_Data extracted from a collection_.
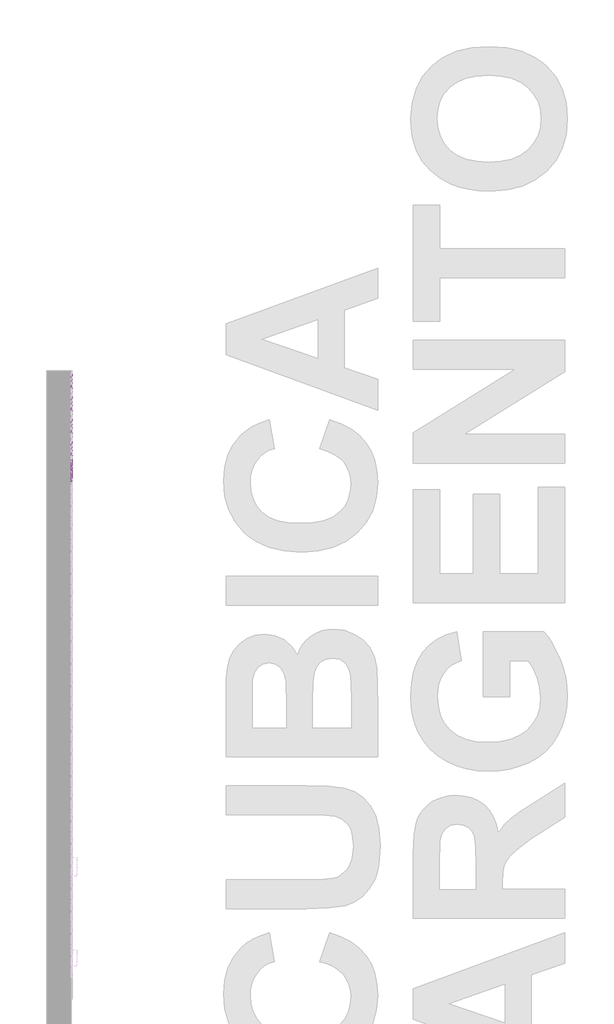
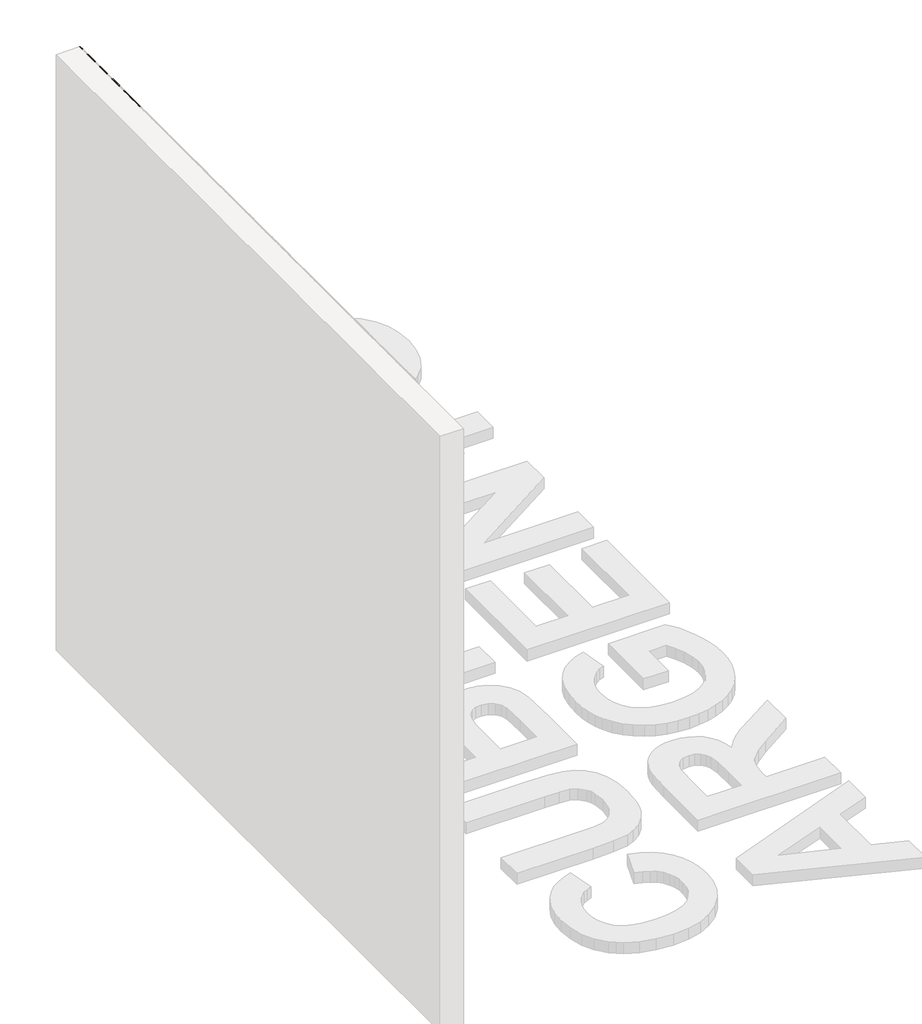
# One storey, part 24 of 121: 142 proxies.
"""IFC4 building model written with IfcOpenShell, lengths in millimetres."""

from ifc_helpers import new_model, si_unit, origin, place, context, project, spatial, transform, mapped, element, save
from components import generic_models_b2b2c5c1, generic_models_9bf73f6f, generic_models_5d175859, generic_models_336a48c1, generic_models_3c04e8e5, generic_models_61989c10, generic_models_7dea52c4, generic_models_65d4feed, generic_models_3c364290, generic_models_b212a934, generic_models_b652511d

model = new_model("IFC4")

# Units and contexts
model_context = context("Model", 3, world=origin())
ifc_project = project(units=[si_unit("LENGTHUNIT", "METRE", prefix="MILLI")], contexts=[model_context])

# Site, building, storey
site = spatial("IfcSite", under=ifc_project)
building = spatial("IfcBuilding", under=site)
storey = spatial("IfcBuildingStorey", under=building, Name="PORTOBELLO - SHOWROOM", Elevation=0.0)

# Proxies
placement = place(None, origin())
generic_models_shape = generic_models_b2b2c5c1(model_context)
element("IfcBuildingElementProxy", 1, Name="PBSHOP - CUBICA ARGENTO 4,8X8,3 : CUBICA ARGENTO - POSIÇÃO 01", ObjectType="PBSHOP - CUBICA ARGENTO 4,8X8,3 : CUBICA ARGENTO - POSIÇÃO 01", at=placement, inside=storey, context=model_context, shape_type="MappedRepresentation", body=[
    mapped(generic_models_shape, transform((150369.5341846, -3814.533081, 2012.7881262), x_axis=(0.0, 1.0, 0.0), y_axis=(0.0, 0.0, 1.0), z_axis=(1.0, 0.0, 0.0))),
])
element("IfcBuildingElementProxy", 2, Name="PBSHOP - CUBICA ARGENTO 4,8X8,3 : CUBICA ARGENTO - POSIÇÃO 01", ObjectType="PBSHOP - CUBICA ARGENTO 4,8X8,3 : CUBICA ARGENTO - POSIÇÃO 01", at=placement, inside=storey, context=model_context, shape_type="MappedRepresentation", body=[
    mapped(generic_models_shape, transform((150369.5341846, -3723.6938117, 2012.7881262), x_axis=(0.0, 1.0, 0.0), y_axis=(0.0, 0.0, 1.0), z_axis=(1.0, 0.0, 0.0))),
])
element("IfcBuildingElementProxy", 3, Name="PBSHOP - CUBICA ARGENTO 4,8X8,3 : CUBICA ARGENTO - POSIÇÃO 01", ObjectType="PBSHOP - CUBICA ARGENTO 4,8X8,3 : CUBICA ARGENTO - POSIÇÃO 01", at=placement, inside=storey, context=model_context, shape_type="MappedRepresentation", body=[
    mapped(generic_models_shape, transform((150369.5341846, -3632.8545425, 2012.7881262), x_axis=(0.0, 1.0, 0.0), y_axis=(0.0, 0.0, 1.0), z_axis=(1.0, 0.0, 0.0))),
])
element("IfcBuildingElementProxy", 4, Name="PBSHOP - CUBICA ARGENTO 4,8X8,3 : CUBICA ARGENTO - POSIÇÃO 01", ObjectType="PBSHOP - CUBICA ARGENTO 4,8X8,3 : CUBICA ARGENTO - POSIÇÃO 01", at=placement, inside=storey, context=model_context, shape_type="MappedRepresentation", body=[
    mapped(generic_models_shape, transform((150369.5341846, -3950.7919848, 2091.7227645), x_axis=(0.0, 1.0, 0.0), y_axis=(0.0, 0.0, 1.0), z_axis=(1.0, 0.0, 0.0))),
])
element("IfcBuildingElementProxy", 5, Name="PBSHOP - CUBICA ARGENTO 4,8X8,3 : CUBICA ARGENTO - POSIÇÃO 01", ObjectType="PBSHOP - CUBICA ARGENTO 4,8X8,3 : CUBICA ARGENTO - POSIÇÃO 01", at=placement, inside=storey, context=model_context, shape_type="MappedRepresentation", body=[
    mapped(generic_models_shape, transform((150369.5341846, -3859.9527156, 2091.7227645), x_axis=(0.0, 1.0, 0.0), y_axis=(0.0, 0.0, 1.0), z_axis=(1.0, 0.0, 0.0))),
])
element("IfcBuildingElementProxy", 6, Name="PBSHOP - CUBICA ARGENTO 4,8X8,3 : CUBICA ARGENTO - POSIÇÃO 01", ObjectType="PBSHOP - CUBICA ARGENTO 4,8X8,3 : CUBICA ARGENTO - POSIÇÃO 01", at=placement, inside=storey, context=model_context, shape_type="MappedRepresentation", body=[
    mapped(generic_models_shape, transform((150369.5341846, -3769.1134464, 2091.7227645), x_axis=(0.0, 1.0, 0.0), y_axis=(0.0, 0.0, 1.0), z_axis=(1.0, 0.0, 0.0))),
])
element("IfcBuildingElementProxy", 7, Name="PBSHOP - CUBICA ARGENTO 4,8X8,3 : CUBICA ARGENTO - POSIÇÃO 01", ObjectType="PBSHOP - CUBICA ARGENTO 4,8X8,3 : CUBICA ARGENTO - POSIÇÃO 01", at=placement, inside=storey, context=model_context, shape_type="MappedRepresentation", body=[
    mapped(generic_models_shape, transform((150369.5341846, -3678.2741771, 2091.7227645), x_axis=(0.0, 1.0, 0.0), y_axis=(0.0, 0.0, 1.0), z_axis=(1.0, 0.0, 0.0))),
])
element("IfcBuildingElementProxy", 8, Name="PBSHOP - CUBICA ARGENTO 4,8X8,3 : CUBICA ARGENTO - POSIÇÃO 01", ObjectType="PBSHOP - CUBICA ARGENTO 4,8X8,3 : CUBICA ARGENTO - POSIÇÃO 01", at=placement, inside=storey, context=model_context, shape_type="MappedRepresentation", body=[
    mapped(generic_models_shape, transform((150369.5341846, -3996.2116195, 2170.6574029), x_axis=(0.0, 1.0, 0.0), y_axis=(0.0, 0.0, 1.0), z_axis=(1.0, 0.0, 0.0))),
])
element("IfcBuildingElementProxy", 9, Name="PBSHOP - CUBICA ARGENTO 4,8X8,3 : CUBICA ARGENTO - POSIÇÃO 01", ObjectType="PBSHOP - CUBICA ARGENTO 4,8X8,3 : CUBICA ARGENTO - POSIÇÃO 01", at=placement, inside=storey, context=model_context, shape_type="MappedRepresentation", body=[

_TASK BRIEF_.
The required output is a copy of each line in the records where the string "contexts" occurs.

_WRITTEN SOLUTION_.
# Units and contexts
ifc_project = project(units=[si_unit("LENGTHUNIT", "METRE", prefix="MILLI")], contexts=[model_context])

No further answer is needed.